### TASK INSTRUCTIONS
Please retype every entry as written, and keep the pictures out.
START THE RECORDS
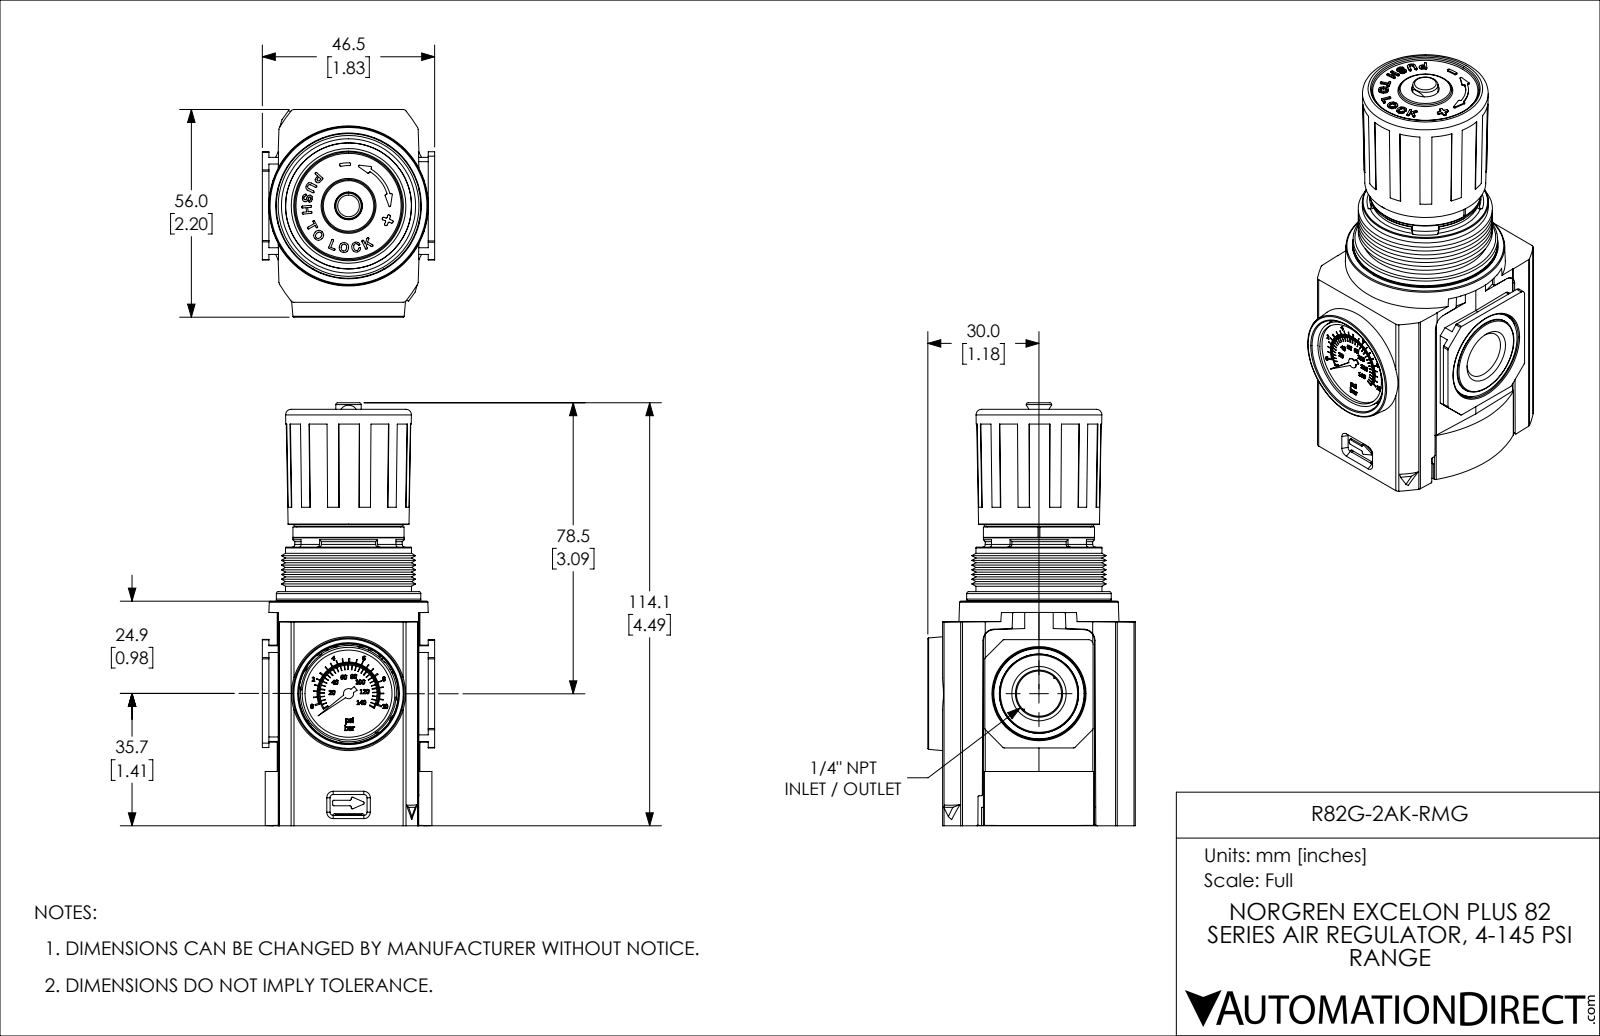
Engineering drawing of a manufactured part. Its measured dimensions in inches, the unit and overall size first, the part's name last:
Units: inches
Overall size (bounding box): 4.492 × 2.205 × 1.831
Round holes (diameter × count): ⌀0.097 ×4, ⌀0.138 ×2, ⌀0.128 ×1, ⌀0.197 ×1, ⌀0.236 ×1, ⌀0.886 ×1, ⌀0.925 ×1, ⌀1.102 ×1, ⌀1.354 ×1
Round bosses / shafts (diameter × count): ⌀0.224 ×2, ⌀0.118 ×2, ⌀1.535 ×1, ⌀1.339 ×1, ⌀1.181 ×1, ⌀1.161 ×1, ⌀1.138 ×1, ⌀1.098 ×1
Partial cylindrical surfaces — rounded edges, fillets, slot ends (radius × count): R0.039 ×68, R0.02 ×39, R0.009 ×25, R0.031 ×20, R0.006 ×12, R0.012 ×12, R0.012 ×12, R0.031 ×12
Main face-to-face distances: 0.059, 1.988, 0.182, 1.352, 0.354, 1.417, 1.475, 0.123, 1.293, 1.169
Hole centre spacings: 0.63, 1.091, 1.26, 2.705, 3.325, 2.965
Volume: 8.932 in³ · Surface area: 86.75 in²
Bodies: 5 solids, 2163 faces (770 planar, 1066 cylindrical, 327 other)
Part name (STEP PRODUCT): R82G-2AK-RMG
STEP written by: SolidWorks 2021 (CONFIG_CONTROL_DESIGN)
END THE RECORDS
### TASK RESPONSE
Engineering drawing of a manufactured part. Its measured dimensions in inches, the unit and overall size first, the part's name last:
Units: inches
Overall size (bounding box): 4.492 × 2.205 × 1.831
Round holes (diameter × count): ⌀0.097 ×4, ⌀0.138 ×2, ⌀0.128 ×1, ⌀0.197 ×1, ⌀0.236 ×1, ⌀0.886 ×1, ⌀0.925 ×1, ⌀1.102 ×1, ⌀1.354 ×1
Round bosses / shafts (diameter × count): ⌀0.224 ×2, ⌀0.118 ×2, ⌀1.535 ×1, ⌀1.339 ×1, ⌀1.181 ×1, ⌀1.161 ×1, ⌀1.138 ×1, ⌀1.098 ×1
Partial cylindrical surfaces — rounded edges, fillets, slot ends (radius × count): R0.039 ×68, R0.02 ×39, R0.009 ×25, R0.031 ×20, R0.006 ×12, R0.012 ×12, R0.012 ×12, R0.031 ×12
Main face-to-face distances: 0.059, 1.988, 0.182, 1.352, 0.354, 1.417, 1.475, 0.123, 1.293, 1.169
Hole centre spacings: 0.63, 1.091, 1.26, 2.705, 3.325, 2.965
Volume: 8.932 in³ · Surface area: 86.75 in²
Bodies: 5 solids, 2163 faces (770 planar, 1066 cylindrical, 327 other)
Part name (STEP PRODUCT): R82G-2AK-RMG
STEP written by: SolidWorks 2021 (CONFIG_CONTROL_DESIGN)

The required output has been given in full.